(Collection entries)
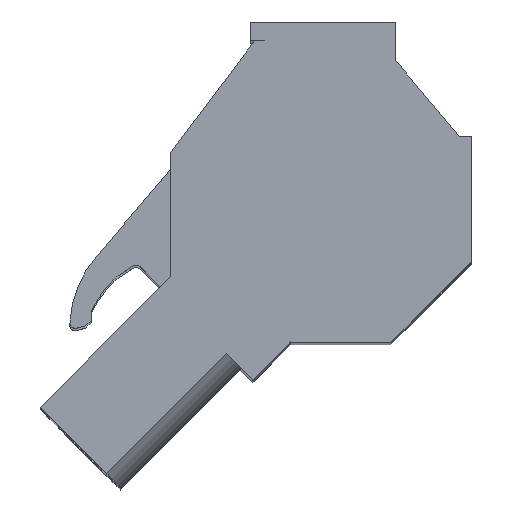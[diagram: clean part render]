
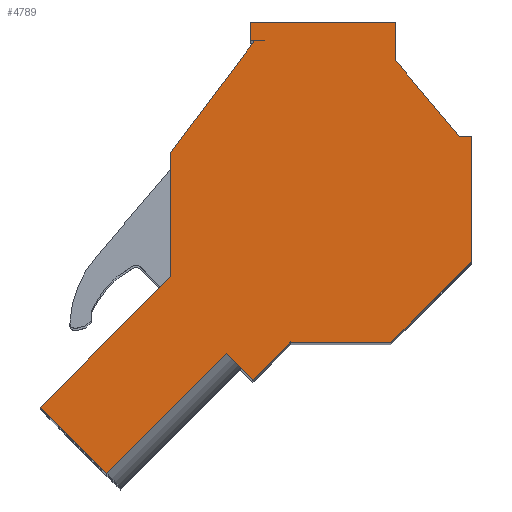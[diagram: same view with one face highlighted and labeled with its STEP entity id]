
A CAD part, top view. The second image highlights one B-rep face of the part: STEP entity #4789.
In plain terms, the highlighted planar face has unit normal (0, 0, 1).
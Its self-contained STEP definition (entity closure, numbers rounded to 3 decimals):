
#4774 = ORIENTED_EDGE ( 'NONE', *, *, #19585, .F. ) ;
#4775 = ORIENTED_EDGE ( 'NONE', *, *, #19619, .F. ) ;
#4776 = ORIENTED_EDGE ( 'NONE', *, *, #19596, .F. ) ;
#4777 = ORIENTED_EDGE ( 'NONE', *, *, #15965, .T. ) ;
#4778 = ORIENTED_EDGE ( 'NONE', *, *, #14822, .T. ) ;
#4779 = ORIENTED_EDGE ( 'NONE', *, *, #19001, .F. ) ;
#4780 = ORIENTED_EDGE ( 'NONE', *, *, #19031, .F. ) ;
#4783 = VERTEX_POINT ( 'NONE', #47884 ) ;
#4788 = EDGE_CURVE ( 'NONE', #18917, #4783, #47879, .T. ) ;
#4789 = ADVANCED_FACE ( 'NONE', ( #47875 ), #47874, .F. ) ;
#4790 = EDGE_LOOP ( 'NONE', ( #4791, #4792, #4793, #4855, #4856, #4774, #4775, #4776, #4777, #4778, #4779, #4780, #4843, #4844, #4845, #4846, #4848, #4849, #4851 ) ) ;
#4791 = ORIENTED_EDGE ( 'NONE', *, *, #18996, .T. ) ;
#4792 = ORIENTED_EDGE ( 'NONE', *, *, #19315, .F. ) ;
#4793 = ORIENTED_EDGE ( 'NONE', *, *, #19910, .F. ) ;
#4795 = EDGE_CURVE ( 'NONE', #4796, #4797, #47869, .T. ) ;
#4796 = VERTEX_POINT ( 'NONE', #47934 ) ;
#4797 = VERTEX_POINT ( 'NONE', #47933 ) ;
#4843 = ORIENTED_EDGE ( 'NONE', *, *, #19433, .F. ) ;
#4844 = ORIENTED_EDGE ( 'NONE', *, *, #19450, .F. ) ;
#4845 = ORIENTED_EDGE ( 'NONE', *, *, #18987, .F. ) ;
#4846 = ORIENTED_EDGE ( 'NONE', *, *, #4847, .T. ) ;
#4847 = EDGE_CURVE ( 'NONE', #18983, #4797, #47975, .T. ) ;
#4848 = ORIENTED_EDGE ( 'NONE', *, *, #4795, .F. ) ;
#4849 = ORIENTED_EDGE ( 'NONE', *, *, #4850, .F. ) ;
#4850 = EDGE_CURVE ( 'NONE', #4783, #4796, #47971, .T. ) ;
#4851 = ORIENTED_EDGE ( 'NONE', *, *, #4788, .F. ) ;
#4855 = ORIENTED_EDGE ( 'NONE', *, *, #19632, .F. ) ;
#4856 = ORIENTED_EDGE ( 'NONE', *, *, #16646, .T. ) ;
#14817 = VERTEX_POINT ( 'NONE', #32892 ) ;
#14822 = EDGE_CURVE ( 'NONE', #14823, #14817, #32949, .T. ) ;
#14823 = VERTEX_POINT ( 'NONE', #32945 ) ;
#15965 = EDGE_CURVE ( 'NONE', #15967, #14823, #34650, .T. ) ;
#15967 = VERTEX_POINT ( 'NONE', #34646 ) ;
#16646 = EDGE_CURVE ( 'NONE', #16648, #16649, #35772, .T. ) ;
#16648 = VERTEX_POINT ( 'NONE', #35768 ) ;
#16649 = VERTEX_POINT ( 'NONE', #35767 ) ;
#18917 = VERTEX_POINT ( 'NONE', #39718 ) ;
#18919 = VERTEX_POINT ( 'NONE', #39712 ) ;
#18969 = VERTEX_POINT ( 'NONE', #39766 ) ;
#18983 = VERTEX_POINT ( 'NONE', #39814 ) ;
#18987 = EDGE_CURVE ( 'NONE', #18983, #18969, #39809, .T. ) ;
#18996 = EDGE_CURVE ( 'NONE', #18917, #18919, #39855, .T. ) ;
#19001 = EDGE_CURVE ( 'NONE', #19032, #14817, #39851, .T. ) ;
#19026 = VERTEX_POINT ( 'NONE', #39866 ) ;
#19031 = EDGE_CURVE ( 'NONE', #19026, #19032, #39924, .T. ) ;
#19032 = VERTEX_POINT ( 'NONE', #39920 ) ;
#19315 = EDGE_CURVE ( 'NONE', #19317, #18919, #40394, .T. ) ;
#19317 = VERTEX_POINT ( 'NONE', #40389 ) ;
#19433 = EDGE_CURVE ( 'NONE', #19452, #19026, #40599, .T. ) ;
#19450 = EDGE_CURVE ( 'NONE', #18969, #19452, #40639, .T. ) ;
#19452 = VERTEX_POINT ( 'NONE', #40635 ) ;
#19585 = EDGE_CURVE ( 'NONE', #19620, #16649, #40765, .T. ) ;
#19596 = EDGE_CURVE ( 'NONE', #15967, #19598, #40812, .T. ) ;
#19598 = VERTEX_POINT ( 'NONE', #40808 ) ;
#19619 = EDGE_CURVE ( 'NONE', #19598, #19620, #40838, .T. ) ;
#19620 = VERTEX_POINT ( 'NONE', #40834 ) ;
#19632 = EDGE_CURVE ( 'NONE', #16648, #19633, #40827, .T. ) ;
#19633 = VERTEX_POINT ( 'NONE', #40823 ) ;
#19910 = EDGE_CURVE ( 'NONE', #19633, #19317, #41196, .T. ) ;
#32892 = CARTESIAN_POINT ( 'NONE',  ( 1.93, 14.75, 0. ) ) ;
#32945 = CARTESIAN_POINT ( 'NONE',  ( 1.25, 14.75, 0. ) ) ;
#32946 = DIRECTION ( 'NONE',  ( 1., 0., 0. ) ) ;
#32947 = VECTOR ( 'NONE', #32946, 1000. ) ;
#32948 = CARTESIAN_POINT ( 'NONE',  ( 2.919, 14.75, 0. ) ) ;
#32949 = LINE ( 'NONE', #32948, #32947 ) ;
#34646 = CARTESIAN_POINT ( 'NONE',  ( 1.25, 15.65, 0. ) ) ;
#34647 = DIRECTION ( 'NONE',  ( 0., -1., 0. ) ) ;
#34648 = VECTOR ( 'NONE', #34647, 1000. ) ;
#34649 = CARTESIAN_POINT ( 'NONE',  ( 1.25, 15.2, 0. ) ) ;
#34650 = LINE ( 'NONE', #34649, #34648 ) ;
#35767 = CARTESIAN_POINT ( 'NONE',  ( 11.45, 10.05, 0. ) ) ;
#35768 = CARTESIAN_POINT ( 'NONE',  ( 12.05, 10.05, 0. ) ) ;
#35769 = DIRECTION ( 'NONE',  ( -1., 0., 0. ) ) ;
#35770 = VECTOR ( 'NONE', #35769, 1000. ) ;
#35771 = CARTESIAN_POINT ( 'NONE',  ( 11.75, 10.05, 0. ) ) ;
#35772 = LINE ( 'NONE', #35771, #35770 ) ;
#39712 = CARTESIAN_POINT ( 'NONE',  ( 3.2, 0., 0. ) ) ;
#39718 = CARTESIAN_POINT ( 'NONE',  ( 3.2, 0.011, 0. ) ) ;
#39766 = CARTESIAN_POINT ( 'NONE',  ( -2.669, 3.193, 0. ) ) ;
#39806 = DIRECTION ( 'NONE',  ( 0.707, 0.707, 0. ) ) ;
#39807 = VECTOR ( 'NONE', #39806, 1000. ) ;
#39808 = CARTESIAN_POINT ( 'NONE',  ( -2.669, 3.193, 0. ) ) ;
#39809 = LINE ( 'NONE', #39808, #39807 ) ;
#39814 = CARTESIAN_POINT ( 'NONE',  ( -9.033, -3.171, 0. ) ) ;
#39848 = DIRECTION ( 'NONE',  ( 0., 1., 0. ) ) ;
#39849 = VECTOR ( 'NONE', #39848, 1000. ) ;
#39850 = CARTESIAN_POINT ( 'NONE',  ( 1.93, 4.613, 0. ) ) ;
#39851 = LINE ( 'NONE', #39850, #39849 ) ;
#39852 = DIRECTION ( 'NONE',  ( 0., -1., 0. ) ) ;
#39853 = VECTOR ( 'NONE', #39852, 1000. ) ;
#39854 = CARTESIAN_POINT ( 'NONE',  ( 3.2, 0.006, 0. ) ) ;
#39855 = LINE ( 'NONE', #39854, #39853 ) ;
#39866 = CARTESIAN_POINT ( 'NONE',  ( 1.437, 14.724, 0. ) ) ;
#39920 = CARTESIAN_POINT ( 'NONE',  ( 1.93, 14.724, 0. ) ) ;
#39921 = DIRECTION ( 'NONE',  ( 1., 0., 0. ) ) ;
#39922 = VECTOR ( 'NONE', #39921, 1000. ) ;
#39923 = CARTESIAN_POINT ( 'NONE',  ( 1.509, 14.724, 0. ) ) ;
#39924 = LINE ( 'NONE', #39923, #39922 ) ;
#40389 = CARTESIAN_POINT ( 'NONE',  ( 8.1, 0., 0. ) ) ;
#40391 = DIRECTION ( 'NONE',  ( -1., 0., 0. ) ) ;
#40392 = VECTOR ( 'NONE', #40391, 1000. ) ;
#40393 = CARTESIAN_POINT ( 'NONE',  ( 1.509, 0., 0. ) ) ;
#40394 = LINE ( 'NONE', #40393, #40392 ) ;
#40596 = DIRECTION ( 'NONE',  ( 0.602, 0.799, 0. ) ) ;
#40597 = VECTOR ( 'NONE', #40596, 1000. ) ;
#40598 = CARTESIAN_POINT ( 'NONE',  ( 1.445, 14.733, 0. ) ) ;
#40599 = LINE ( 'NONE', #40598, #40597 ) ;
#40635 = CARTESIAN_POINT ( 'NONE',  ( -2.669, 9.274, 0. ) ) ;
#40636 = DIRECTION ( 'NONE',  ( 0., 1., 0. ) ) ;
#40637 = VECTOR ( 'NONE', #40636, 1000. ) ;
#40638 = CARTESIAN_POINT ( 'NONE',  ( -2.669, 4.613, 0. ) ) ;
#40639 = LINE ( 'NONE', #40638, #40637 ) ;
#40761 = DIRECTION ( 'NONE',  ( 0.642, -0.767, 0. ) ) ;
#40762 = VECTOR ( 'NONE', #40761, 1000. ) ;
#40764 = CARTESIAN_POINT ( 'NONE',  ( 8.35, 13.75, 0. ) ) ;
#40765 = LINE ( 'NONE', #40764, #40762 ) ;
#40808 = CARTESIAN_POINT ( 'NONE',  ( 8.35, 15.65, 0. ) ) ;
#40809 = DIRECTION ( 'NONE',  ( 1., 0., 0. ) ) ;
#40810 = VECTOR ( 'NONE', #40809, 1000. ) ;
#40811 = CARTESIAN_POINT ( 'NONE',  ( 1.509, 15.65, 0. ) ) ;
#40812 = LINE ( 'NONE', #40811, #40810 ) ;
#40823 = CARTESIAN_POINT ( 'NONE',  ( 12.05, 3.95, 0. ) ) ;
#40824 = DIRECTION ( 'NONE',  ( 0., -1., 0. ) ) ;
#40825 = VECTOR ( 'NONE', #40824, 1000. ) ;
#40826 = CARTESIAN_POINT ( 'NONE',  ( 12.05, 4.613, 0. ) ) ;
#40827 = LINE ( 'NONE', #40826, #40825 ) ;
#40834 = CARTESIAN_POINT ( 'NONE',  ( 8.35, 13.75, 0. ) ) ;
#40835 = DIRECTION ( 'NONE',  ( 0., -1., 0. ) ) ;
#40836 = VECTOR ( 'NONE', #40835, 1000. ) ;
#40837 = CARTESIAN_POINT ( 'NONE',  ( 8.35, 4.613, 0. ) ) ;
#40838 = LINE ( 'NONE', #40837, #40836 ) ;
#41193 = DIRECTION ( 'NONE',  ( -0.707, -0.707, 0. ) ) ;
#41194 = VECTOR ( 'NONE', #41193, 1000. ) ;
#41195 = CARTESIAN_POINT ( 'NONE',  ( 12.05, 3.95, 0. ) ) ;
#41196 = LINE ( 'NONE', #41195, #41194 ) ;
#47868 = CARTESIAN_POINT ( 'NONE',  ( -5.78, -6.424, 0. ) ) ;
#47869 = LINE ( 'NONE', #47868, #47936 ) ;
#47870 = DIRECTION ( 'NONE',  ( -1., 0., 0. ) ) ;
#47871 = DIRECTION ( 'NONE',  ( 0., 0., -1. ) ) ;
#47872 = CARTESIAN_POINT ( 'NONE',  ( 12.05, -6.424, 0. ) ) ;
#47873 = AXIS2_PLACEMENT_3D ( 'NONE', #47872, #47871, #47870 ) ;
#47874 = PLANE ( 'NONE',  #47873 ) ;
#47875 = FACE_OUTER_BOUND ( 'NONE', #4790, .T. ) ;
#47876 = DIRECTION ( 'NONE',  ( -0.707, -0.707, 0. ) ) ;
#47877 = VECTOR ( 'NONE', #47876, 1000. ) ;
#47878 = CARTESIAN_POINT ( 'NONE',  ( 1.362, -1.827, 0. ) ) ;
#47879 = LINE ( 'NONE', #47878, #47877 ) ;
#47884 = CARTESIAN_POINT ( 'NONE',  ( 1.362, -1.827, 0. ) ) ;
#47933 = CARTESIAN_POINT ( 'NONE',  ( -5.78, -6.424, 0. ) ) ;
#47934 = CARTESIAN_POINT ( 'NONE',  ( 0.089, -0.555, 0. ) ) ;
#47935 = DIRECTION ( 'NONE',  ( -0.707, -0.707, 0. ) ) ;
#47936 = VECTOR ( 'NONE', #47935, 1000. ) ;
#47968 = DIRECTION ( 'NONE',  ( -0.707, 0.707, 0. ) ) ;
#47969 = VECTOR ( 'NONE', #47968, 1000. ) ;
#47970 = CARTESIAN_POINT ( 'NONE',  ( 0.725, -1.191, 0. ) ) ;
#47971 = LINE ( 'NONE', #47970, #47969 ) ;
#47972 = DIRECTION ( 'NONE',  ( 0.707, -0.707, 0. ) ) ;
#47973 = VECTOR ( 'NONE', #47972, 1000. ) ;
#47974 = CARTESIAN_POINT ( 'NONE',  ( -9.033, -3.171, 0. ) ) ;
#47975 = LINE ( 'NONE', #47974, #47973 ) ;

What is required:
From the records above, print only the lines between the one holding "#41193 = DIRECTION" and the one holding "#47870 = DIRECTION", inclusive, exactly as they stand.

Exercise output:
#41193 = DIRECTION ( 'NONE',  ( -0.707, -0.707, 0. ) ) ;
#41194 = VECTOR ( 'NONE', #41193, 1000. ) ;
#41195 = CARTESIAN_POINT ( 'NONE',  ( 12.05, 3.95, 0. ) ) ;
#41196 = LINE ( 'NONE', #41195, #41194 ) ;
#47868 = CARTESIAN_POINT ( 'NONE',  ( -5.78, -6.424, 0. ) ) ;
#47869 = LINE ( 'NONE', #47868, #47936 ) ;
#47870 = DIRECTION ( 'NONE',  ( -1., 0., 0. ) ) ;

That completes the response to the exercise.